В свое время Василий, из-за связывающих их с Итигути дружеских отношений, не взял с него подписку о согласии работать на советскую разведку и всего лишь однажды, и то под давлением начальства, попросил расписку в получении денег. Теперь же эта сентиментальность обходилась ему очень дорого. И в прямом, и в переносном смысле. У Шестакова была "железная" логика: нет подписки - нет и агента. А нет агента - не должно быть и расходов на него:" Я усматриваю, что фактически эти деньги пошли в карман резидента, для собственного резидентского материального благополучия. Так как предполагать что указанные суммы резидентом выплачивались Итигути, было бы делом, которое можно назвать играй а карточные домики... Подтверждается ранее высказанное Вам мною предположение... Все приведение моменты доказывают полное разложение резидента. Донося о вышеизложенном полагал бы гражданина Ощепкова с работы снять и предать суду, предъявив ему соответствующее обвинение..."

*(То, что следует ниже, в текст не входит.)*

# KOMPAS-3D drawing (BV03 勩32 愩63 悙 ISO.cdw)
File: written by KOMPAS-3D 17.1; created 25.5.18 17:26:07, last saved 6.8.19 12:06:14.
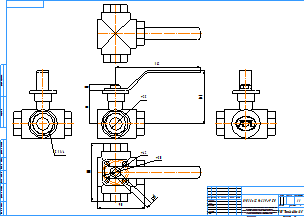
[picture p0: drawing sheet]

Sheet 1: A2, landscape

Title block, sheet 1: name: BV03 Ду32 Ру63 Р/Р ISO; material: Сталь 20  ГОСТ 1050-88; sheets: 1; sheet format: A2; stored path: C:\Users\kka\KOMPAS_Work\!Trash\BV3 кран трехходовой шаровой\KOMPAS 2D\BV03 Ду32 Ру63 РР ISO.cdw

Views: Проекционный вид 2, Проекционный вид 6, Проекционный вид 7, Проекционный вид 8, Проекционный вид 9
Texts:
  kka
  adl
  Рама для чертежей
  Лит-Масса-Масштаб
  Материал-Предприятие
  Масштаб
  Изм.
  Лист
  № докум.
  Подп.
  Дата
  Лит.
  Разраб.
  Пров.
  Т.контр.
  Листов
  Внимание! Данный продукт является объектом авторского права ООО «Торговый Дом АДЛ».
  Запрещается изменение, копирование, распространение
  (в том числе путем копирования на другие сайты и ресурсы в Интернете)
  или любое иное использование информации и объектов без предварительного
  согласия правообладателя (ООО «Торговый Дом АДЛ»).
  Н.контр.
  Утв.
  ООО "Торговый дом АДЛ"
  Изменение
  Номер документа
  Подпись
  Обозначение документа
  Наименование изделия
  Масса изделия по ГОСТ 2.109-73
  Порядковый номер листа
  Общее количество листов в документе
  Характер работы, выполненной лицом, подписавшим документ
  Наименование или индекс предприятия, выпускающего документ
  Инв. № подл.
  Подп. и дата
  Взам. инв. №
  Инв. № дубл.
  Инвентарный номер подлинника по ГОСТ 2.501-68
  Подпись принявшего подлинник в отдел технической документации
  Инвентарный номер подлинника, взамен которого выпущен данный подлинник
  Инвентарный номер дубликата по ГОСТ 2.502-68
  Подпись принявшего дубликат в отдел технической документации
  Справ. №
  Перв. примен.
  Обозначение документа, взамен или на основании которого выпущен данный документ
  Обозначение документа, в котором впервые записан данный документ
  Подпись лица, копировавшего чертеж
  Обозначение формата листа
  !Рама для чертежа
Dimensions and other numbers on the sheet: 162; 25; 101; 63; 11; 111; 90; 42; 50; 1:1; 1
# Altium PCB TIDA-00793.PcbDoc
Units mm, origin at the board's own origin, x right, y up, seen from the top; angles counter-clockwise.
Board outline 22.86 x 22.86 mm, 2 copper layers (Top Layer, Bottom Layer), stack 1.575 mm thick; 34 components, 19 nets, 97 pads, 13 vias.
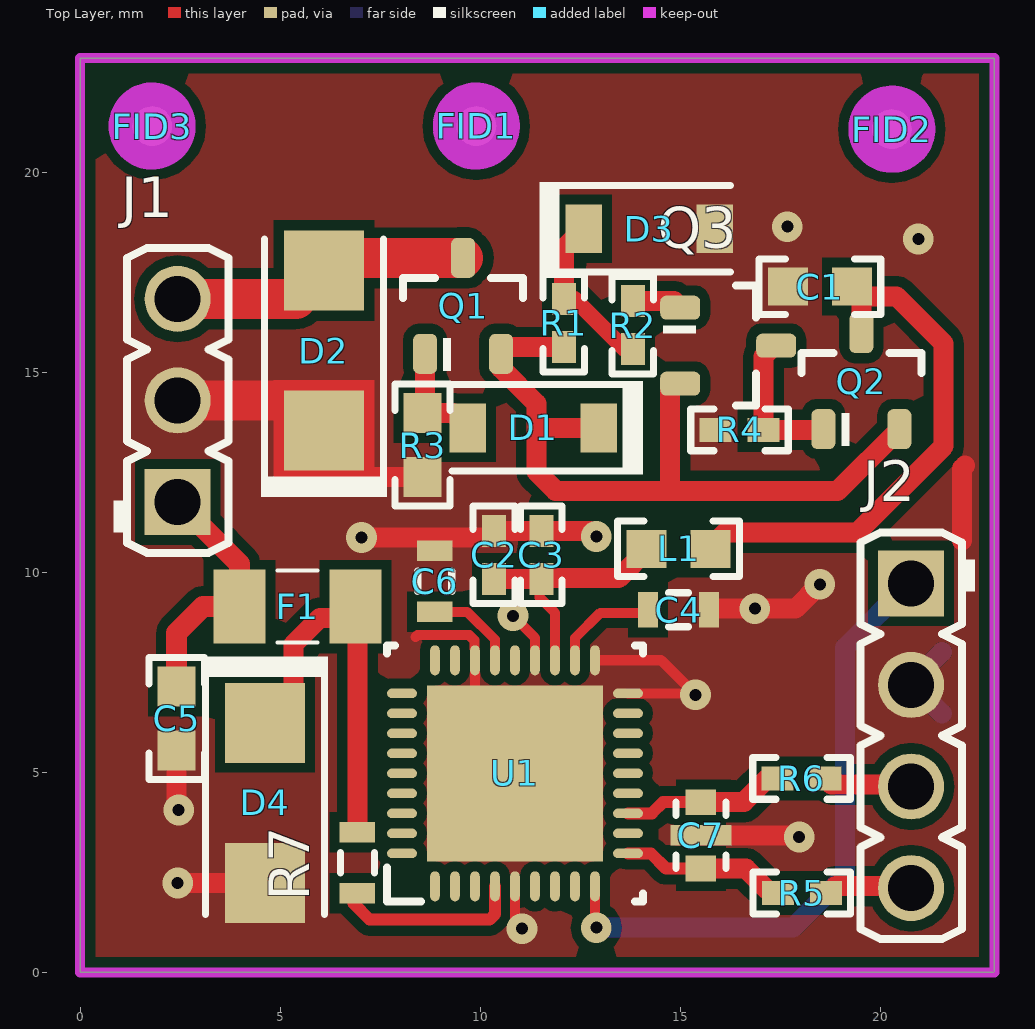
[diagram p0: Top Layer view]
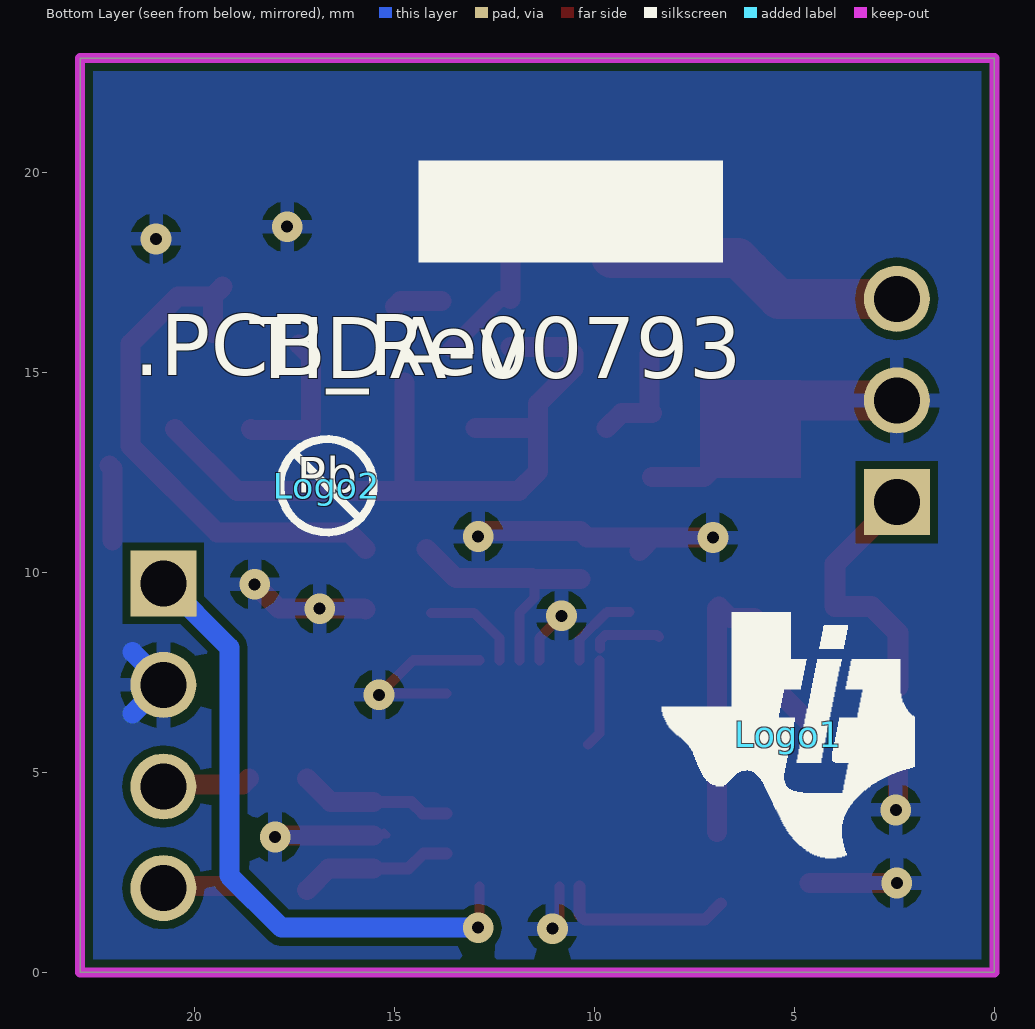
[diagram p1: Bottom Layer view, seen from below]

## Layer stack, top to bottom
Top Solder: solder mask 0.0102, Solder Resist, Dk 3.5
Top Layer: signal copper 0.0356
Dielectric1: core 1.5037, FR-4, Dk 4.8
Bottom Layer: signal copper 0.0356
Bottom Solder: solder mask 0.0102, Solder Resist, Dk 3.5

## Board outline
0,0 22.86,0 22.86,22.86 0,22.86

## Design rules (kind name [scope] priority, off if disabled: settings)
AcuteAngle [All] p1: minimum=4.50000000000000E+0001 checktracksonly=FALSE
AssemblyTestPointUsage [All] p1: valid=2
Clearance Clearance_6 [InNamedPolygon('Top Layer-No Net')] p1: gap=0.254
Clearance Clearance_5 [InNamedPolygon('Bottom Layer-No Net')] p2: gap=0.2
Clearance Clearance_4 [InNamedPolygon('Top Layer-No Net 1')] p3: gap=0.2
Clearance Clearance_3 [InNamedPolygon('Top Layer-No Net 1')] p4: gap=0.254
Clearance Clearance_2 [InNamedPolygon('Top Layer-No Net 1')] p5: gap=0.1
Clearance Clearance_1 [InNamedPolygon('Top Layer-No Net 1')] p6: gap=0.154
Clearance Clearance_Keepouts [((IsTrack Or IsArc) And Not InPoly) And IsFree and IsKeepOut vs ((IsTrack Or IsArc) And Not InPoly) And IsFree and IsKeepOut] p7: gap=0
Clearance Clearance_BoardEdge_MountingHoles [OnCopper and InComponentClass('Mounting Holes') vs IsKeepOut] p8: gap=1.016
Clearance Clearance_BoardEdge_Poly [OnCopper and InPoly vs IsKeepOut] p9: gap=0.635
Clearance Clearance_BoardEdge [OnCopper and Not InComponentClass('Logo') and not InComponentClass('FiducialMark') and not InRegion(1000,500,4000,800) and Not IsKeepout vs IsKeepOut] p10: gap=0.254
Clearance Clearance_Poly [InPolygon vs IsPad] p11: gap=0.1
Clearance [All] p12: gap=0.127
ComponentClearance ComponentClearance_MountingHoles_FiducialMarks [InComponentClass('Mounting Holes') vs InComponentClass('FiducialMark')] p1: gap=1.27 collisioncheckmode=3 verticalgap=0.254 showdistances=FALSE
ComponentClearance ComponentClearance_Shunt [InComponentClass('Header') vs InComponentClass('Shunt')] p2: gap=0 collisioncheckmode=3 verticalgap=0 showdistances=FALSE
ComponentClearance ComponentClearance_Logo [InComponentClass('Logo')] p3: gap=1.27 collisioncheckmode=3 verticalgap=0.254 showdistances=FALSE
ComponentClearance ComponentClearance_ScrewToNut [(HasFootprint('NY PMS 440 0025 PH')) vs (HasFootprint('Keystone_1902C'))] p4: gap=0.127 collisioncheckmode=3 verticalgap=0.254 showdistances=FALSE
ComponentClearance ComponentClearance_MountingHoles [InComponentClass('Mounting Holes')] p5: gap=6.35 collisioncheckmode=3 verticalgap=2540 showdistances=FALSE
ComponentClearance ComponentClearance_SmallPassives [HasFootprint('0201*') or HasFootprint('0402*') or HasFootprint('0508') or HasFootprint('0603*') or HasFootprint('0612') or HasFootprint('0805*') or HasFootprint('0815*') or HasFootprint('0830*') or HasFootprint('1206*') or HasFootprint('1210*') or HasFootprint('1808*') or HasFootprint('1812*') or HasFootprint('1825*') or HasFootprint('2010*') or HasFootprint('2220*') or HasFootprint('2225*') or HasFootprint('2512*') or HasFootprint('2728*') or HasFootprint('3518*') vs HasFootprint('0201*') or HasFootprint('0402*') or HasFootprint('0508') or HasFootprint('0603*') or HasFootprint('0612') or HasFootprint('0805*') or HasFootprint('0815*') or HasFootprint('0830*') or HasFootprint('1206*') or HasFootprint('1210*') or HasFootprint('1808*') or HasFootprint('1812*') or HasFootprint('1825*') or HasFootprint('2010*') or HasFootprint('2220*') or HasFootprint('2225*') or HasFootprint('2512*') or HasFootprint('2728*') or HasFootprint('3518*')] p6: gap=0.508 collisioncheckmode=3 verticalgap=0.254 showdistances=FALSE
ComponentClearance ComponentClearance_THtoSMT [IsThruComponent vs IsSMTComponent] p7: gap=0.5 collisioncheckmode=3 verticalgap=0.762 showdistances=FALSE
ComponentClearance ComponentClearance_THtoTH [IsThruComponent vs IsThruComponent] p8: gap=3 collisioncheckmode=3 verticalgap=0.762 showdistances=FALSE
ComponentClearance [All] p9: gap=0.216 collisioncheckmode=3 verticalgap=0.254 showdistances=FALSE
DiffPairsRouting [All] p1: maxlimit=2.54 minlimit=0.254 mostfreqgap=0.254 toplayer_minwidth=0.381 toplayer_maxwidth=0.381 toplayer_prefwidth=0.381 bottomlayer_minwidth=0.381 bottomlayer_maxwidth=0.381 bottomlayer_prefwidth=0.381 maxuncoupledlength=25.4
FabricationTestPointUsage TestPointUsage [All] p1: valid=2 allowmultiple=FALSE
FabricationTestpoint Testpoint [All] p1: side=3 testpointundercomponent=TRUE minsize=1.016 maxsize=2.54 preferedsize=1.524 minholesize=0 maxholesize=1.016 preferedholesize=0.813 testpointgrid=0.025 allowsidetop=TRUE allowsidebottom=TRUE usegrid=TRUE gridtolerance=0
FanoutControl Fanout_LCC [IsLCC] p1: bgadir=Out bgaviamode=Centered fanoutstyle=Auto fanoutdirection=Alternating viagrid=0.025 // Fanout_LCC (Default Rule)
FanoutControl Fanout_BGA [IsBGA] p2: bgadir=Out bgaviamode=Centered fanoutstyle=Auto fanoutdirection=Alternating viagrid=0.025 // Fanout_BGA (Default Rule)
FanoutControl Fanout_Default [All] p4: bgadir=Out bgaviamode=Centered fanoutstyle=Auto fanoutdirection=Alternating viagrid=0.025 // Fanout_Default (Default Rule)
FanoutControl Fanout_Small [(CompPinCount < 5)] p5: bgadir=Out bgaviamode=Centered fanoutstyle=Auto fanoutdirection=OutThenIn viagrid=0.025 // Fanout_Small (Default Rule)
HoleSize [All] p1: absolutevalues=TRUE maxlimit=6.375 minlimit=0.2 maxpercent=80.000 minpercent=20.000
MinimumAnnularRing MinimumAnnularRing_ThermalPadVias [IsVia and InAnyComponent] p1: minimumring=0.15
MinimumAnnularRing [All] p2: minimumring=0.229
MinimumSolderMaskSliver MinimumSolderMaskSliver_Logo [InComponentClass('Logo') vs InComponentClass('Logo')] p1: minsoldermaskwidth=0.018
MinimumSolderMaskSliver [All] p2: minsoldermaskwidth=0.01
PlaneClearance [All] p1: clearance=0.308
PlaneConnect [All] p1: planeconnectstyle=Relief reliefexpansion=0.254 reliefentries=4 reliefconductorwidth=0.254 reliefairgap=0.154
PolygonConnect PolygonConnect_3 [All vs IsNamedPolygon('Bottom Layer-No Net')] p1: connectstyle=Relief reliefconductorwidth=0.354 reliefentries=4 polygonreliefangle="90 Angle" airgapwidth=0.254
PolygonConnect PolygonConnect_2 [All vs IsNamedPolygon('Bottom Layer-No Net')] p2: connectstyle=Relief reliefconductorwidth=0.354 reliefentries=4 polygonreliefangle="90 Angle" airgapwidth=0.254
PolygonConnect PolygonConnect_1 [All vs IsNamedPolygon('Top Layer-No Net')] p3: connectstyle=Direct reliefconductorwidth=0.254 reliefentries=4 polygonreliefangle="90 Angle" airgapwidth=0.254
PolygonConnect [All] p4: connectstyle=Relief reliefconductorwidth=0.354 reliefentries=4 polygonreliefangle="90 Angle" airgapwidth=0.254
RoutingVias ThermalPadVias [IsVia and InAnyComponent] p1: holewidth=0.2 width=0.5 viastyle="Through Hole" minholewidth=0.2 minwidth=0.5 maxholewidth=0.33 maxwidth=0.6
RoutingVias [All] p2: holewidth=0.406 width=0.864 viastyle="Through Hole" minholewidth=0.2 minwidth=0.66 maxholewidth=1.016 maxwidth=1.651
SilkToBoardRegionClearance [Not ((IsComment or IsDesignator) And (Hide <> 'False')) and not InRegion(1000,500,4000,800)] p1:
SilkToSilkClearance SilkToSilkClearance_Pb-FreeLogo [(HasFootprint('Pb-Free_Overlay_Medium') OR HasFootprint('Pb-Free_Overlay_Small')) vs (HasFootprint('Pb-Free_Overlay_Medium') OR HasFootprint('Pb-Free_Overlay_Small'))] p1: silktosilkclearance=0
SilkToSilkClearance [All] p2: silktosilkclearance=0
SilkToSolderMaskClearance SilkToComonentPadClearance [IsPad and InAnycomponent] p1: minsilkscreentomaskgap=0 clearancetoexposedcopper=TRUE
SilkToSolderMaskClearance "Silk to Solder Mask Opening" [All] p2 off: minsilkscreentomaskgap=0 clearancetoexposedcopper=FALSE
SolderMaskExpansion [All] p1: expansion=0.05
UnpouredPolygon [All] p1: allowunpoured=FALSE
Width [All] p1: maxlimit=2.54 minlimit=0.152 preferedwidth=0.254 checkconnectedcopper=TRUE
13 further rules are at their usual default settings.

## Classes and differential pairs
component class Header: J1 J2
component class Logo: Logo1
component class TIDA-00793_Hardware: FID1 FID2 FID3 Logo1 Logo2 ZZ1 ZZ2 ZZ3
component class FiducialMark: FID1 FID2 FID3
component class AssemblyNote: ZZ1 ZZ2 ZZ3
component class TIDA-00793_PressureSensorSchematic: C1 C2 C3 C4 C5 C6 C7 D1 D2 D3 D4 F1 J1 J2 L1 PGA301 Q1 Q2 Q3 R1 R2 R3 R4 R5 R6 R7 U1

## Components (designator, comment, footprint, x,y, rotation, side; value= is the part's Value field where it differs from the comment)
C1 "GRM188Z71C225KE43" 0603 18.494,17.145 r180 top
C2 "GRM155R71C153JA01D" 0402 10.349,10.439 r90 top
C3 "GRM155R71C104JA88D" 0402 11.532,10.439 r90 top
C4 "0603YC104JAT2A" 0603S 14.963,9.068 r180 top
C5 "C0603C680J5GACTU" 0603 2.416,6.35 r270 top
C6 "0603YC104JAT2A" 0603S 8.867,9.779 r270 top
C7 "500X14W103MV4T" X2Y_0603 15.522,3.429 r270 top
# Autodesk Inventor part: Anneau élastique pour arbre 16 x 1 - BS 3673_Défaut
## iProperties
Shininess: 64.0
Length Units: 11269
Angle Units: 11279
Time Units: 11290
Mass Units: 11283
Length Display Precision: 3
Angle Display Precision: 2
Compacted: True
Part Number: Anneau élastique pour arbre 16 x 1 - BS 3673_Défaut
Document SubType Name: Modeling
Created: 2006-01
Material: Par défaut
Designer: riri
Density: 0.0
Volumn: 0.0
Area: 0.0
PropertySet Name: Model Information
Control State: 0
Master: False
Checked Out: False
Author: riri
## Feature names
1. Base1

Да, реальная возможность угодить под суд военного трибунала - такой была благодарность "гражданину Ощепкову", шесть лет неизменно рисковавшему своей головой! До глубины души оскорбленный Василий старается доказать свою добросовестность и полную лживость обвинения. Вот здесь-то он и пишет приведенные мной выше слова о своем патриотизме. Разве мог он, проживая все это время вне СССР, знать, что тогда там, точно так же как и у нас сегодня, само понятие "патриотизм" успело сделаться не только одиозным, но и откровенно подозрительным. Правда, тогда ему противопоставляли "пролетарский интернационализм", а ныне "западные ценности"...
Однако, если в штабе Сибирского военного округа и поверили глуповатым обвинениям, то вовсе не собирались терять столь высококвалифицированного япониста. Приказ констатировал "невозможность использования в Японии" и оставление во Владивостоке в качестве переводчика. Сильно раздосадованный Шестаков сказал, словно предсказав судьбу Василия: "Если бы не был таким нужным и полезным человеком, давно бы сгнил в подвале ГПУ!".